Feed your body’s bugs the good stuff: pre-biotic foods, probiotics, and fermented foods all of which help the good bacteria in your body thrive.
At Mitchell Medical Group, we treat patients every week with the symptoms that are due to an imbalance of good and bad bugs- we call it Candida overgrowth. It was once a controversial diagnosis, but as the science catches up to the clinical presentations, it is clearly more real than ever.
We address the Candida overgrowth with a specific diet for patients, careful use of vitamins and supplements and forms of natural immunotherapy to boost the immune system.

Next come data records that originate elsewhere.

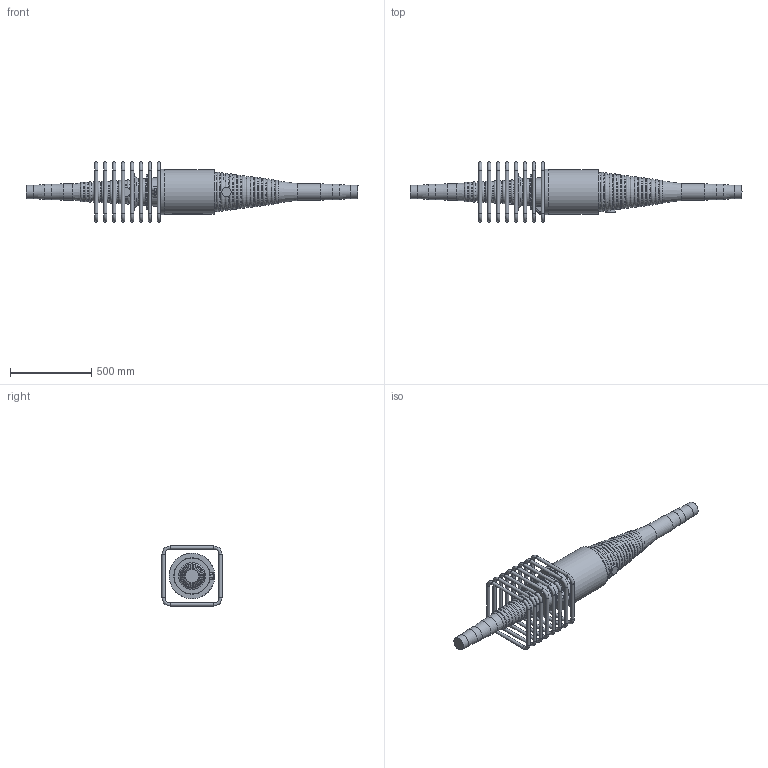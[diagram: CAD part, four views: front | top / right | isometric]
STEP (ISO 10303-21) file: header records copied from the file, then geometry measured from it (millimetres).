
FILE_DESCRIPTION(/* description */ (''),/* implementation_level */ '2;1');
FILE_NAME(/* name */ 'BBR VT CONA CMI BT 1906_Coupler H Assembly_CS-43,35_Stirrup.stp',/* time_stamp */ '2024-10-29T13:43:44+01:00',/* author */ ('tk'),/* organization */ (''),/* preprocessor_version */ 'ST-DEVELOPER v20',/* originating_system */ 'Autodesk Inventor 2024',/* authorisation */ '');
FILE_SCHEMA (('AUTOMOTIVE_DESIGN { 1 0 10303 214 3 1 1 }'));
Products named in the file (1): BBR VT CONA CMI BT 1906_Coupler H Assembly_CS-43,35_Stirrup
Bounding box: 2045.13 x 370 x 370 mm (x, y, z)
Volume: 49842512.7 mm3; surface area: 1851376 mm2
Topology: 9 solids, 9 shells, 983 faces, 2697 edges, 1792 vertices
Faces by surface type: bspline 400, plane 352, cylinder 123, torus 73, cone 35
Full cylindrical faces by diameter (mm): 20 x32, 57 x2, 84 x2, 94 x2, 104 x2, 164 x1, 218 x1, 223.017 x1, 273 x1, 280 x1
Entity records: 42637 total; most frequent: CARTESIAN_POINT 19398, ORIENTED_EDGE 5390, DIRECTION 3777, EDGE_CURVE 2695, VERTEX_POINT 1792, AXIS2_PLACEMENT_3D 1327, LINE 1123, VECTOR 1123
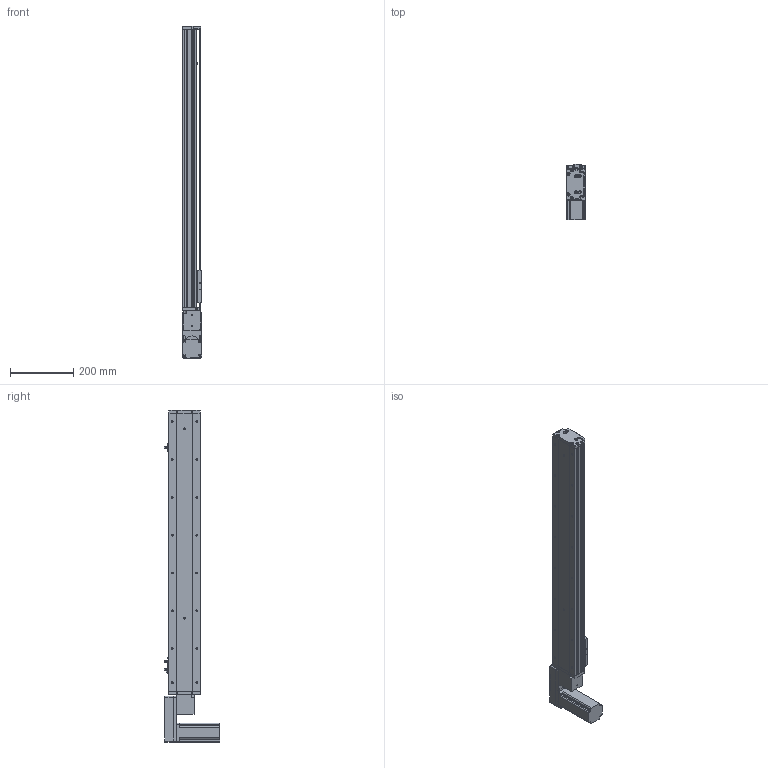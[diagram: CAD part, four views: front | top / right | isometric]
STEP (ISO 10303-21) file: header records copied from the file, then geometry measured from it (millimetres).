
FILE_DESCRIPTION (( 'STEP AP214' ), '1' );
FILE_NAME ('KSD100B-S700-MLB-CM.STEP', '2019-08-31T01:42:14', ( '微软用户' ), ( '微软中国' ), 'SwSTEP 2.0', 'SolidWorks 2014', '' );
FILE_SCHEMA (( 'AUTOMOTIVE_DESIGN' ));
Length unit declared in the file: millimetre
Products named in the file (12): U倰嫖萇EEㄜSX672; 覜茼え100遵圉猾敕; 100宽防尘板700行程-同步带; 100宽马达安装板同步带左; 100宽同步带安装板半封闭; 100宽马达安装板同步带; 100遵傷啣肮祭湍; 100宽底板半封闭同步带700行程; KSD100B-S700-MLB-CM; 悵誘欶奻狟殏; 100宽马达安装板连板上下折丝杆同步带; 台达ECMA－C20604AS伺服电机
Assembly tree (13 placements, depth 2):
  KSD100B-S700-MLB-CM
    100宽底板半封闭同步带700行程
    100遵傷啣肮祭湍
    100宽马达安装板同步带
    100宽同步带安装板半封闭
    100宽马达安装板同步带左
    100宽防尘板700行程-同步带
    覜茼え100遵圉猾敕
    U倰嫖萇EEㄜSX672  x3
    台达ECMA－C20604AS伺服电机
    100宽马达安装板连板上下折丝杆同步带
    悵誘欶奻狟殏
Bounding box: 61 x 174.7 x 1053 mm (x, y, z)
Volume: 2361882 mm3; surface area: 767082.5 mm2
Topology: 14 solids, 14 shells, 1393 faces, 3908 edges, 2497 vertices
Faces by surface type: cylinder 691, plane 583, cone 119
Entity records: 48897 total; most frequent: CARTESIAN_POINT 9362, DIRECTION 6756, ORIENTED_EDGE 6484, EDGE_CURVE 3242, AXIS2_PLACEMENT_3D 2461, VERTEX_POINT 2121, LINE 1834, VECTOR 1834
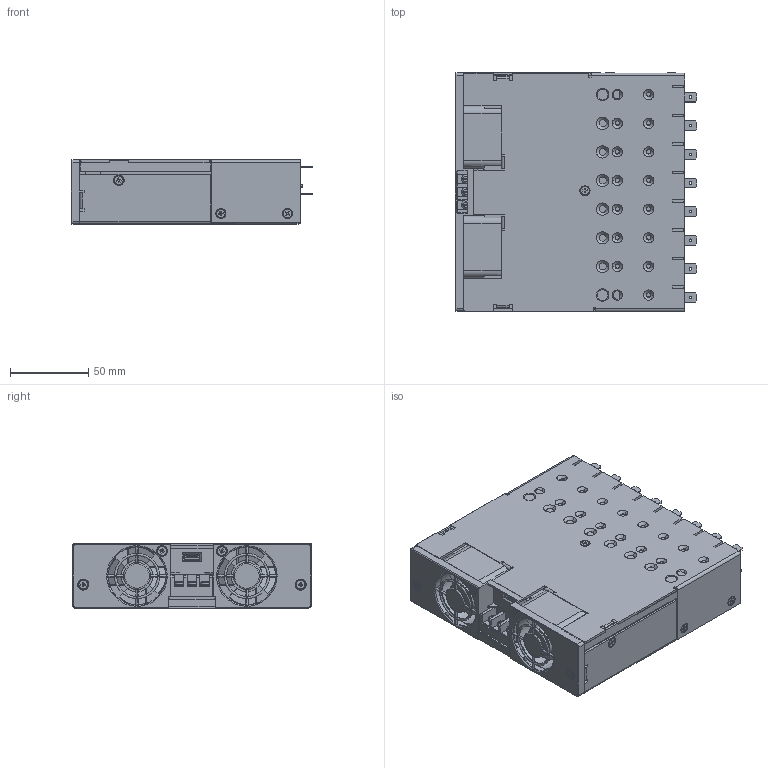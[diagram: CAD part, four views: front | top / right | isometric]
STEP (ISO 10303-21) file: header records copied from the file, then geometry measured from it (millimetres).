
FILE_DESCRIPTION (( 'STEP AP203' ), '1' );
FILE_NAME ('NEVO1200 Public Facing 3D Model.STEP', '2020-11-23T12:18:26', ( '' ), ( '' ), 'SwSTEP 2.0', 'SolidWorks 2020', '' );
FILE_SCHEMA (( 'CONFIG_CONTROL_DESIGN' ));
Products named in the file (1): NEVO1200 Public Facing 3D Model
Bounding box: 154.5 x 152.81 x 41 mm (x, y, z)
Surface area: 111227.8 mm2 (no closed solid volume)
Topology: 0 solids, 44 shells, 3032 faces, 8296 edges, 5373 vertices
Faces by surface type: plane 1790, cylinder 624, bspline 435, cone 165, torus 18
Entity records: 112665 total; most frequent: CARTESIAN_POINT 47672, ORIENTED_EDGE 16113, DIRECTION 9454, EDGE_CURVE 8278, VERTEX_POINT 5368, B_SPLINE_CURVE_WITH_KNOTS 3887, AXIS2_PLACEMENT_3D 3359, EDGE_LOOP 3245

The irony is that in medicine for the past half-century we may have been attacking the wrong enemy. If we can harness the potential of strengthening our immune system with the good bacteria all over our body, it will be incredible to see the explosion in good health and aging!
– Dr. Dean Mitchell, M.D.
Mitchell Medical Group, NYC
About the Author – Dr. Dean Mitchell, M.D.
Dr. Dean Mitchell, M.D. is a Board Certified Allergist and Immunologist based out of NYC. He graduated from the Sackler School of Medicine and completed training at the Robert Cooke Allergy Institute in New York City. He is also a Clinical Assistant Professor at Touro College of Osteopathic Medicine, a fellow of the American Academy of Allergy, Asthma, and Immunology, and the author of Dr. Dean Mitchell’s Allergy and Asthma Solution: The Ultimate Program for Reversing Your Symptoms One Drop at a Time. Dr. Dean Mitchell, M.D. has also been featured in The New York Times, The Huffington Post, Fitness Magazine, Dr. Oz and News NY 1. Dr. Mitchell also hosts the podcast The Smartest Doctor in the Room – a combination of a lively, personal and in-depth interview with top healthcare specialists.